(EXERCISE MATERIAL)

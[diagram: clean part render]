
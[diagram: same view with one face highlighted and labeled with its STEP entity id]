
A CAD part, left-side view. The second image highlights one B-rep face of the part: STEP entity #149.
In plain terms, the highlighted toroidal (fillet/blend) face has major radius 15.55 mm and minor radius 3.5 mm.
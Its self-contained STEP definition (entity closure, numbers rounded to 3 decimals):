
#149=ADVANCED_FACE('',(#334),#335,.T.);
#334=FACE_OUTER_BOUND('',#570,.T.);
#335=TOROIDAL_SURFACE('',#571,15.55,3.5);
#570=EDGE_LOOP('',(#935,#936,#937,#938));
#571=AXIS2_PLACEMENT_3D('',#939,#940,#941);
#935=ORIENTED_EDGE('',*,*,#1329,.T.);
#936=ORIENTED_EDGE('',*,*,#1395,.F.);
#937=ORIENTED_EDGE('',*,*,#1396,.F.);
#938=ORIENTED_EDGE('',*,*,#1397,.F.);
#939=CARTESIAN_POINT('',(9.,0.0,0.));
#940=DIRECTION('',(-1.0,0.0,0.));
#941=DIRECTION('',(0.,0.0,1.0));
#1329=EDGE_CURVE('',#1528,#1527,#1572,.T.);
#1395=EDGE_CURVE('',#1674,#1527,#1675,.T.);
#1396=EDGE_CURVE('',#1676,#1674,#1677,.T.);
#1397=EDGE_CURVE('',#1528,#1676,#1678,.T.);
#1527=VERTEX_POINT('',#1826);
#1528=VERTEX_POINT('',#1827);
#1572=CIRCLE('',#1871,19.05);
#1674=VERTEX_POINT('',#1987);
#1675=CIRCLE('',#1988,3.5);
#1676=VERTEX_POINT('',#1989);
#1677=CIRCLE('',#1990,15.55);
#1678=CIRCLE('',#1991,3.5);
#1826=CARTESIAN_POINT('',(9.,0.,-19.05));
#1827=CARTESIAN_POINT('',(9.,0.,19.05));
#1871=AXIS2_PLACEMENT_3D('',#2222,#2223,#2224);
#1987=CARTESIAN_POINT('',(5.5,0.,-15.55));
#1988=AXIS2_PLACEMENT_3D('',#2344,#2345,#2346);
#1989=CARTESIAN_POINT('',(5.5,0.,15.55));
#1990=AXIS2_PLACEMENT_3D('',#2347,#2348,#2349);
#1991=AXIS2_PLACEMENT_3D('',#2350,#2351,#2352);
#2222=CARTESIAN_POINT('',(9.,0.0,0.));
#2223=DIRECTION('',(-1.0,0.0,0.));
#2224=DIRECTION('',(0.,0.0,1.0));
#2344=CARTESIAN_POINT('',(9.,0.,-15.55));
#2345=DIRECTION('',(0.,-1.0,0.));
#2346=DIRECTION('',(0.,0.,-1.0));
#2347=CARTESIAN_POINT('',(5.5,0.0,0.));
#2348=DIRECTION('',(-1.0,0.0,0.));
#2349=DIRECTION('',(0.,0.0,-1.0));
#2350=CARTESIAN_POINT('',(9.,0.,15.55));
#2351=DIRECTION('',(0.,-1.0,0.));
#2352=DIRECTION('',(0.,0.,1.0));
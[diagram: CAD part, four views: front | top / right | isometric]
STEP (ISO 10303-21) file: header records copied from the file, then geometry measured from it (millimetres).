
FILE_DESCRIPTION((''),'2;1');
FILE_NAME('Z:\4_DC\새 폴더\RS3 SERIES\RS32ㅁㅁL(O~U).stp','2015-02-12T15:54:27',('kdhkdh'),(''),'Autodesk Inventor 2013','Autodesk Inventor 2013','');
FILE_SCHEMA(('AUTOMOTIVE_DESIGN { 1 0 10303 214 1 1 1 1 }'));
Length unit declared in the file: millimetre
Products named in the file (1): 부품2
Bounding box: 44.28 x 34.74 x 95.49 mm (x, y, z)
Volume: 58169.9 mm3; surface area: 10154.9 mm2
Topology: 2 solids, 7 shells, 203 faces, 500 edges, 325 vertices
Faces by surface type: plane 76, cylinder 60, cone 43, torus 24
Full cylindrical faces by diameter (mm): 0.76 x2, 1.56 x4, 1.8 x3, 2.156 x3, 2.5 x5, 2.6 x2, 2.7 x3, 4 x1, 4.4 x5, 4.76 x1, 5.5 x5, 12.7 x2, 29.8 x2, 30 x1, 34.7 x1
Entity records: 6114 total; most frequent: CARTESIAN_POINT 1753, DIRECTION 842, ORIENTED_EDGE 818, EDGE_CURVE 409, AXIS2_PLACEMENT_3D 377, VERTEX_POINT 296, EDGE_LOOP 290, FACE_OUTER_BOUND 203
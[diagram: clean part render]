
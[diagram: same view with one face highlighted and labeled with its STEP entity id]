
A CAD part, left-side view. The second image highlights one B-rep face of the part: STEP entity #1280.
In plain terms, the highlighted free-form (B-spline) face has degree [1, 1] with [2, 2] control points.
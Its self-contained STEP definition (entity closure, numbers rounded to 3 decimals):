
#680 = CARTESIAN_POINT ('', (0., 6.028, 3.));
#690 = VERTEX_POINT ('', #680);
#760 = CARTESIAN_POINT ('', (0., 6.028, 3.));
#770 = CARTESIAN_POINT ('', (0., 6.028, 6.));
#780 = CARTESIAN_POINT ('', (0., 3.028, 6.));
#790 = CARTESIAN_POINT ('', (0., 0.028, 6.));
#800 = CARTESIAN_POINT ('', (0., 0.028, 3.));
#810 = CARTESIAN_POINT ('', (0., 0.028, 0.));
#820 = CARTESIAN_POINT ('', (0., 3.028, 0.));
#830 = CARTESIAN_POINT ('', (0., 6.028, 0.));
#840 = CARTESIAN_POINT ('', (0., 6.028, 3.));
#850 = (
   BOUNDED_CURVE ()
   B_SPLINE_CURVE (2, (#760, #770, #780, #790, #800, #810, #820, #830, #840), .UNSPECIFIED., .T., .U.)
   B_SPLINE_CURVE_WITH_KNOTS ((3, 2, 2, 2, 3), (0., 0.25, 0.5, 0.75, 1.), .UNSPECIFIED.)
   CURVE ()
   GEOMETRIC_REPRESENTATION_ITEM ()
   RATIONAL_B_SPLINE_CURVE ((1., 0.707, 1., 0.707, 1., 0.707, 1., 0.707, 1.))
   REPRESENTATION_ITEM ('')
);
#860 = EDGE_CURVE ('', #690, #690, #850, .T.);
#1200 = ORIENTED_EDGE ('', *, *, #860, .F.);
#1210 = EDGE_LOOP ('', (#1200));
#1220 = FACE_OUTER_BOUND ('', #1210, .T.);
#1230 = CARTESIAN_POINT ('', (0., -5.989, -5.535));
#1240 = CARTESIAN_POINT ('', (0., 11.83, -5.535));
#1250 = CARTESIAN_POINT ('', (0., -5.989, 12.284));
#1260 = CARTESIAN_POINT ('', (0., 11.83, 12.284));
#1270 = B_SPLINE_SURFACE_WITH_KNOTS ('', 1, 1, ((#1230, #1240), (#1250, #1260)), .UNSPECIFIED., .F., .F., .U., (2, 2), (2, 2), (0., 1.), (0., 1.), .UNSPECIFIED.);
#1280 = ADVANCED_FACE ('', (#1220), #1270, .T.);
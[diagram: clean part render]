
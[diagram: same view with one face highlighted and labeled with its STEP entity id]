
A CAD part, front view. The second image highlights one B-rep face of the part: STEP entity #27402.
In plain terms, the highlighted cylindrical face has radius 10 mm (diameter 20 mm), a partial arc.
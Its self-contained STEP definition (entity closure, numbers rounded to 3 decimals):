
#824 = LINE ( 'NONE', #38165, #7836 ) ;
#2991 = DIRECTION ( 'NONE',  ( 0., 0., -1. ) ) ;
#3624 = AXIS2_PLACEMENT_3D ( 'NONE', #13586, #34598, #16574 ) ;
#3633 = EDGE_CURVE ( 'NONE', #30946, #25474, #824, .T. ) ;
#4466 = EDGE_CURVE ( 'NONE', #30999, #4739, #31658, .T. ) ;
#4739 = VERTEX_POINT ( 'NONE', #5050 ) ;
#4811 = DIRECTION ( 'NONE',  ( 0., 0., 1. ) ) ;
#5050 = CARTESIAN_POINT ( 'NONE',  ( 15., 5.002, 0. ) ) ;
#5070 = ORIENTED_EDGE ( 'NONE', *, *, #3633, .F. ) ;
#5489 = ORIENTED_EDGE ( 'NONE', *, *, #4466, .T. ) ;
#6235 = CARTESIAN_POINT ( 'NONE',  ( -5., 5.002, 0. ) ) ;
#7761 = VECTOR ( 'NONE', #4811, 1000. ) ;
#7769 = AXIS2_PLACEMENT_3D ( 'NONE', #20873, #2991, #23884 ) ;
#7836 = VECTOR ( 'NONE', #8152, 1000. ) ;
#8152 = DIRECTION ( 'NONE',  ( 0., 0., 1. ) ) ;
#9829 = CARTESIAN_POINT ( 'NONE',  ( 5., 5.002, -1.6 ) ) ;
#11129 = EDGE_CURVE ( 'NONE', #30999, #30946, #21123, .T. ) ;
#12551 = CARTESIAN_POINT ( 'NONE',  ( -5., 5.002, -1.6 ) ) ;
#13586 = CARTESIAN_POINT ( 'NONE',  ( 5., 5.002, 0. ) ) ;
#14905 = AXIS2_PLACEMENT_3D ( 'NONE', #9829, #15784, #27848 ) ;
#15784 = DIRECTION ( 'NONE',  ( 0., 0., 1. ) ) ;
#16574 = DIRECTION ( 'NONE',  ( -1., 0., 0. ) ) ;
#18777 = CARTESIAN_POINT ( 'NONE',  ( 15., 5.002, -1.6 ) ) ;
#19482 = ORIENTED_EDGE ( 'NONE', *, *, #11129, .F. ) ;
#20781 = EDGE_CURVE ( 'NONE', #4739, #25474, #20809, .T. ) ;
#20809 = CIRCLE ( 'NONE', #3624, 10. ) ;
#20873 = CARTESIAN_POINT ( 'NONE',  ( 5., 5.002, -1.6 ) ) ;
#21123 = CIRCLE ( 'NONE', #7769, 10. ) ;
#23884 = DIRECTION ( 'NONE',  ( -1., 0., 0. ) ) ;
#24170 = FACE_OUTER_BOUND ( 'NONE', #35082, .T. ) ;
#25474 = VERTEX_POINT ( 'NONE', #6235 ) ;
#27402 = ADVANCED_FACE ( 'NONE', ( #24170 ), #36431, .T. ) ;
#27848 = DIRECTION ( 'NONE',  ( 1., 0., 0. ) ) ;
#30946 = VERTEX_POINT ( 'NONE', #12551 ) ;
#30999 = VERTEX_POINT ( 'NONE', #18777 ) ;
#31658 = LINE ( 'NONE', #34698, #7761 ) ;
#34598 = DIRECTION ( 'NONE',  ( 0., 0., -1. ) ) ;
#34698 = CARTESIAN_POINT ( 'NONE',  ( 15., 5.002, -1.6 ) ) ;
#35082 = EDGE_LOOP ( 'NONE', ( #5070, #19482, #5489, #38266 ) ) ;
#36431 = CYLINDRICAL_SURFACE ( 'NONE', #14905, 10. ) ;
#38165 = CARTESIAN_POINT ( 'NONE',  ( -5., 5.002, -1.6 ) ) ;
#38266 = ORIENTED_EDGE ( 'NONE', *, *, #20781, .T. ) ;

(TASK REQUIREMENTS) Among the entries above, the lines between the ones containing "#4739 = VERTEX_POINT ( 'NONE', #5050 ) ;" and "#15784 = DIRECTION", inclusive, are to be transcribed exactly. No other line is to be given.

(ANSWER BELOW)
#4739 = VERTEX_POINT ( 'NONE', #5050 ) ;
#4811 = DIRECTION ( 'NONE',  ( 0., 0., 1. ) ) ;
#5050 = CARTESIAN_POINT ( 'NONE',  ( 15., 5.002, 0. ) ) ;
#5070 = ORIENTED_EDGE ( 'NONE', *, *, #3633, .F. ) ;
#5489 = ORIENTED_EDGE ( 'NONE', *, *, #4466, .T. ) ;
#6235 = CARTESIAN_POINT ( 'NONE',  ( -5., 5.002, 0. ) ) ;
#7761 = VECTOR ( 'NONE', #4811, 1000. ) ;
#7769 = AXIS2_PLACEMENT_3D ( 'NONE', #20873, #2991, #23884 ) ;
#7836 = VECTOR ( 'NONE', #8152, 1000. ) ;
#8152 = DIRECTION ( 'NONE',  ( 0., 0., 1. ) ) ;
#9829 = CARTESIAN_POINT ( 'NONE',  ( 5., 5.002, -1.6 ) ) ;
#11129 = EDGE_CURVE ( 'NONE', #30999, #30946, #21123, .T. ) ;
#12551 = CARTESIAN_POINT ( 'NONE',  ( -5., 5.002, -1.6 ) ) ;
#13586 = CARTESIAN_POINT ( 'NONE',  ( 5., 5.002, 0. ) ) ;
#14905 = AXIS2_PLACEMENT_3D ( 'NONE', #9829, #15784, #27848 ) ;
#15784 = DIRECTION ( 'NONE',  ( 0., 0., 1. ) ) ;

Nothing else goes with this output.